Shortly afterward, alternative splicing was found to occur in cellular genes as well, with the first example identified in the  IgM gene, a member of the
immunoglobulin superfamily (Early et al., 1980). Another example of a gene with an impressive number of alternative splicing patterns is the Dscam gene
from Drosophila, which is involved in guiding embryonic nerves to their targets during formation of the fly's nervous system. Examination of
the Dscam sequence reveals such a large number of introns that differential splicing could, in theory, create a staggering 38,000 different mRNAs. This
ability to create so many mRNAs may provide the diversity necessary for forming a complex structure such as the nervous system (Schmucker  et al.,
2000). In fact, the existence of multiple mRNA transcripts within single genes may account for the complexity of some organisms, such as humans, that
have relatively few genes (approximately 20,000). For example, work from Wang et al. (2008) suggests that more than 90% of human genes are
alternatively spliced.

The Past and Future of Introns


The existence of introns and differential splicing helps explain how new genes are created during evolution. Splicing makes genes more "modular,"

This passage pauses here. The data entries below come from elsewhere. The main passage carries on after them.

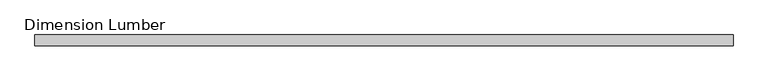
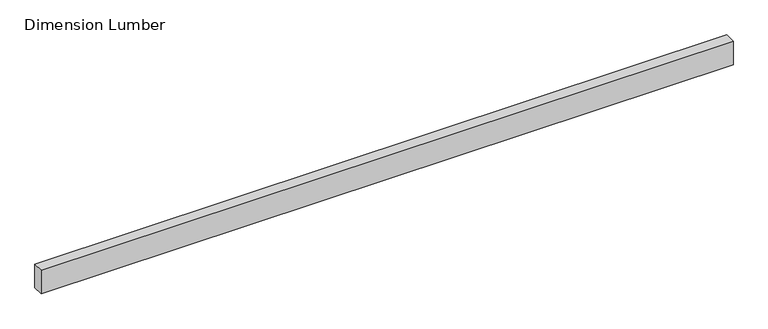
"""IFC4 building model written with IfcOpenShell, lengths in millimetres: beam geometry, Dimension Lumber : Roof Lumbers."""

from ifc_helpers import new_model, si_unit, frame, origin, place, context, project, spatial, polyline, outline, extrude, source, transform, mapped, element, save


def dimension_lumber_a2ec78f1(model_context):
    return source(origin(), model_context, "Body", "SweptSolid", [
        extrude(outline(polyline([(1250.4988621, -19.05), (-1215.9128821, -19.05), (-1215.9128821, 19.05), (1250.4988621, 19.05), (1250.4988621, -19.05)])), frame((0.0, 0.0, -44.45), z_axis=(0.0, 0.0, 1.0), x_axis=(1.0, 0.0, 0.0)), (0.0, 0.0, 1.0), 88.9),
    ])


if __name__ == "__main__":
    model = new_model("IFC4")
    model_context = context("Model", 3, world=origin())
    ifc_project = project(units=[si_unit("LENGTHUNIT", "METRE", prefix="MILLI")], contexts=[model_context])
    site = spatial("IfcSite", under=ifc_project)
    building = spatial("IfcBuilding", under=site)
    placement = place(None, origin())
    dimension_lumber_shape = dimension_lumber_a2ec78f1(model_context)
    element("IfcBeam", 1, ObjectType="Dimension Lumber : Roof Lumbers", at=placement, inside=building, context=model_context, shape_type="MappedRepresentation", body=[
        mapped(dimension_lumber_shape, transform((0.0, 0.0, 0.0), x_axis=(1.0, 0.0, 0.0), y_axis=(0.0, 1.0, 0.0), z_axis=(0.0, 0.0, 1.0))),
    ])
    save(model, "model.ifc")

# Revit data of these elements
# Type "Dimension Lumber : Roof Lumbers"
#   Assembly Code = "B10"
#   A = 0.0364583 SF
#   Length [instance default] = 5' - 0"
#   b = 0' - 1 1/2"
#   d = 0' - 3 1/2"
#   Structural Material [instance default] = Softwood, Lumber
# Element 1 (IfcBeam, "Dimension Lumber : Roof Lumbers")
#   Materials on its faces: "Softwood, Lumber"
# Materials
#   "Softwood, Lumber": class "Wood", colour RGB 223 192 134, transparency 0, Description = "Pinus Echinata", Cost = 0

allowing new combinations of exons to be created during evolution. Furthermore, new exons can be inserted into old introns, creating new proteins without
disrupting the function of the old gene.
Our knowledge of RNA splicing is quite new. Nonetheless, because nearly all eukaryotes have introns and share mechanisms of RNA splicing, splicing
itself must be quite ancient. Proponents of the "intron-early" theory suggest that all organisms (including prokaryotes) at one time had introns in their
genome but subsequently lost these elements, while "intron-late" supporters believe that the restriction of introns to eukaryotes suggests a more recent
introduction (Roy & Gilbert, 2006). There is no apparent pattern in which eukaryotes have introns, and that makes it difficult for researchers to make
predictions about how introns were gained or lost through evolution. What is clear, however, is that introns and splicing have clearly played a significant
role in evolution, and scientists are only beginning to discover the nature of that role.